(Records from a data collection)
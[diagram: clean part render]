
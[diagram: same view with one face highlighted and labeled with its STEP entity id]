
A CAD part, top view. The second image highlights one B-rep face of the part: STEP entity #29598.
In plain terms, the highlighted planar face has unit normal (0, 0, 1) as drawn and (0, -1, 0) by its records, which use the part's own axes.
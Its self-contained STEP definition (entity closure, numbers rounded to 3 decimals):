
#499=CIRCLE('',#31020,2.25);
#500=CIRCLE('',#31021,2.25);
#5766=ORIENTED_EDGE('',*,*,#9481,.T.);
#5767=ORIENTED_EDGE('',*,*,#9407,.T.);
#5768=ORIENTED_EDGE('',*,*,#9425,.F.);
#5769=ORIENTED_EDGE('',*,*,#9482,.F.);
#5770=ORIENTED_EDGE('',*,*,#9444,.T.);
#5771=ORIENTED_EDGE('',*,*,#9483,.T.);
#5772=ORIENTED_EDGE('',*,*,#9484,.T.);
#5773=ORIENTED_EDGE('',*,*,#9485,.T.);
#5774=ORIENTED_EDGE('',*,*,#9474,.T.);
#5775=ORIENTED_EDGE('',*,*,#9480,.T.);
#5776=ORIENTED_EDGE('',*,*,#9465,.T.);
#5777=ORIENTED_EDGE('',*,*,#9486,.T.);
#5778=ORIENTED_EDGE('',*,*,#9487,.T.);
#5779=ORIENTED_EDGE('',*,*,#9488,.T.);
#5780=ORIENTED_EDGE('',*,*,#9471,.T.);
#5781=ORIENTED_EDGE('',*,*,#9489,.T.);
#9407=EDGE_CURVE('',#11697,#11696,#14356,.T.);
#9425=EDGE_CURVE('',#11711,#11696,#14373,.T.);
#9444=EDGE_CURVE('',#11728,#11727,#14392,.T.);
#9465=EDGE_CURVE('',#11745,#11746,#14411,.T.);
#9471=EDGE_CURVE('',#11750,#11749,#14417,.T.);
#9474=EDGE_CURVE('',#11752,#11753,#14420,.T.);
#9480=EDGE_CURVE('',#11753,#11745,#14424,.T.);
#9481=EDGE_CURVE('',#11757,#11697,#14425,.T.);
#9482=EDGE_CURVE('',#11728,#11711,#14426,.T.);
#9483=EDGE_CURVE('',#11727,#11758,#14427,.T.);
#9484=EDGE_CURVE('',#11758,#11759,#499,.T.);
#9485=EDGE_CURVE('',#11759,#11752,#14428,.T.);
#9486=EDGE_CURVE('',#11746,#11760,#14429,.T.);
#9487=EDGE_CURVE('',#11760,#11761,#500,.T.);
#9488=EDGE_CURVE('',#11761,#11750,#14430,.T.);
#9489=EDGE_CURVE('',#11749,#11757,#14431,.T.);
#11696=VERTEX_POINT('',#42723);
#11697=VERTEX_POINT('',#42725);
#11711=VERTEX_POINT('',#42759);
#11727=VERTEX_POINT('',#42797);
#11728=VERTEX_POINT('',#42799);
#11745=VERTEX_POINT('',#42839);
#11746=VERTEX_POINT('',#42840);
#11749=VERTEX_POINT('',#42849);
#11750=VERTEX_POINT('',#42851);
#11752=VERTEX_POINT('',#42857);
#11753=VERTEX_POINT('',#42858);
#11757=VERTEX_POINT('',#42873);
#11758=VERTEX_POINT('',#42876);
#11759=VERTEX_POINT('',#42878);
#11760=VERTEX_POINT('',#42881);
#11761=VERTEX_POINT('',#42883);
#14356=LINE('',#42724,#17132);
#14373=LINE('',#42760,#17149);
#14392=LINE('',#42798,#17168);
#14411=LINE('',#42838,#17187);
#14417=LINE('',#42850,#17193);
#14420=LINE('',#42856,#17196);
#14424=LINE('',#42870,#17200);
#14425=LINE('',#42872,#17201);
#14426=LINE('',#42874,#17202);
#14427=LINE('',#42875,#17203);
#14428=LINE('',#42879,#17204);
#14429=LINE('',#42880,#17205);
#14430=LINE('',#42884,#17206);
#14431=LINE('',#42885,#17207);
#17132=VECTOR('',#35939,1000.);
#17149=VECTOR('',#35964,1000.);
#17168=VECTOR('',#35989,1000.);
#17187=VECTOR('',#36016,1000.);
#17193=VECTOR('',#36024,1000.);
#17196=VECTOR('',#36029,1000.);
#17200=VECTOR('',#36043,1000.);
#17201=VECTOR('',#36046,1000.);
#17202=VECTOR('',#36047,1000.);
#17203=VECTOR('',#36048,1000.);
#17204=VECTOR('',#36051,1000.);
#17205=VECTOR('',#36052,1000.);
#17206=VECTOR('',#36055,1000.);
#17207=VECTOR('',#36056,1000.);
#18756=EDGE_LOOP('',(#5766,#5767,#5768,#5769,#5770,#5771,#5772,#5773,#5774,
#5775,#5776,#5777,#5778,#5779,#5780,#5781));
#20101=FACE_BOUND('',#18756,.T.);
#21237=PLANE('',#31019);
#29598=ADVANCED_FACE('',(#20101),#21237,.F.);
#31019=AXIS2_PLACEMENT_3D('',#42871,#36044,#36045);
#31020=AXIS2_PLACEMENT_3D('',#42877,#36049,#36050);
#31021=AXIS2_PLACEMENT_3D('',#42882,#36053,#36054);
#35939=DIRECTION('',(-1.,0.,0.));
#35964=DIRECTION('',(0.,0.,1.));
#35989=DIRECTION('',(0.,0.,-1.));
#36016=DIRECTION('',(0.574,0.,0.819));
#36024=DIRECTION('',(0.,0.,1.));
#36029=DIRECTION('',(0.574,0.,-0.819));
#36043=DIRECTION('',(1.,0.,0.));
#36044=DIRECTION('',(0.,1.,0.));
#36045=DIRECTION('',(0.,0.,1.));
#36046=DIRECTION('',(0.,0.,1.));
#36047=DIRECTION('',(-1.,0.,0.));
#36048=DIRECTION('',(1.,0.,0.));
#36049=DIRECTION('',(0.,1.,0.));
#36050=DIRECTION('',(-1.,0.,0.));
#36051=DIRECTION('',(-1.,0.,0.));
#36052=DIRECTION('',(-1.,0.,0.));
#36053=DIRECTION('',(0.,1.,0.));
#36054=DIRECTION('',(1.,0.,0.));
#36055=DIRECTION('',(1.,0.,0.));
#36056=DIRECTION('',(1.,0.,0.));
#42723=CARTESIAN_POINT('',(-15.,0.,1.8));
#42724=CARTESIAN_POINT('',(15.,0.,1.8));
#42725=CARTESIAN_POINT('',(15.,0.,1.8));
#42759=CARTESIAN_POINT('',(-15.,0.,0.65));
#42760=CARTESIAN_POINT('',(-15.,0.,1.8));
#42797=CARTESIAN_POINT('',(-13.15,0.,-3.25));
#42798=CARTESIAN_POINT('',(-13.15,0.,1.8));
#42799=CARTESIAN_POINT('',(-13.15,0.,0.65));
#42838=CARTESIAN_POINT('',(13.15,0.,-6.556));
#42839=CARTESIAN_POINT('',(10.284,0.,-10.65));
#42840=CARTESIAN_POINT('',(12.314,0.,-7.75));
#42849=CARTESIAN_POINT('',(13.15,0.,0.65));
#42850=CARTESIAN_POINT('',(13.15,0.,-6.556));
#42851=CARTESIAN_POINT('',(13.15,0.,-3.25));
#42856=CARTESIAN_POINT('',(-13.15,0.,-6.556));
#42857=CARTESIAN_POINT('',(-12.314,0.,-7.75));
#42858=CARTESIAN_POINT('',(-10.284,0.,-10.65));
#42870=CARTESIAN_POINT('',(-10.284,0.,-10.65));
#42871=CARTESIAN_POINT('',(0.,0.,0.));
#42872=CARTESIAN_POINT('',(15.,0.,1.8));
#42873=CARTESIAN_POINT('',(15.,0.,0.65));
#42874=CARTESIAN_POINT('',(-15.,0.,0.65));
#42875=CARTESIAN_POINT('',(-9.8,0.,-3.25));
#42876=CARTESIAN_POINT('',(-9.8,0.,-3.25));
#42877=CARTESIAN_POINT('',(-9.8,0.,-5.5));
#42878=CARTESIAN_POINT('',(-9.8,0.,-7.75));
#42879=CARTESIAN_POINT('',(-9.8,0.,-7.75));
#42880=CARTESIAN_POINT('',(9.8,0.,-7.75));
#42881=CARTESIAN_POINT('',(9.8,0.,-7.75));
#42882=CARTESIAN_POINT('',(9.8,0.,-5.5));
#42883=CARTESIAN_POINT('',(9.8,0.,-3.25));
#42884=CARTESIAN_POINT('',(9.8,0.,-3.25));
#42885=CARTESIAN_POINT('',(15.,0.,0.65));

▶ PROBLEM TO SOLVE:
In the entries, find every line holding "STEP" and copy it.

▶ SOLUTION:
[diagram: same view with one face highlighted and labeled with its STEP entity id]
A CAD part, top view. The second image highlights one B-rep face of the part: STEP entity #29598.
Its self-contained STEP definition (entity closure, numbers rounded to 3 decimals):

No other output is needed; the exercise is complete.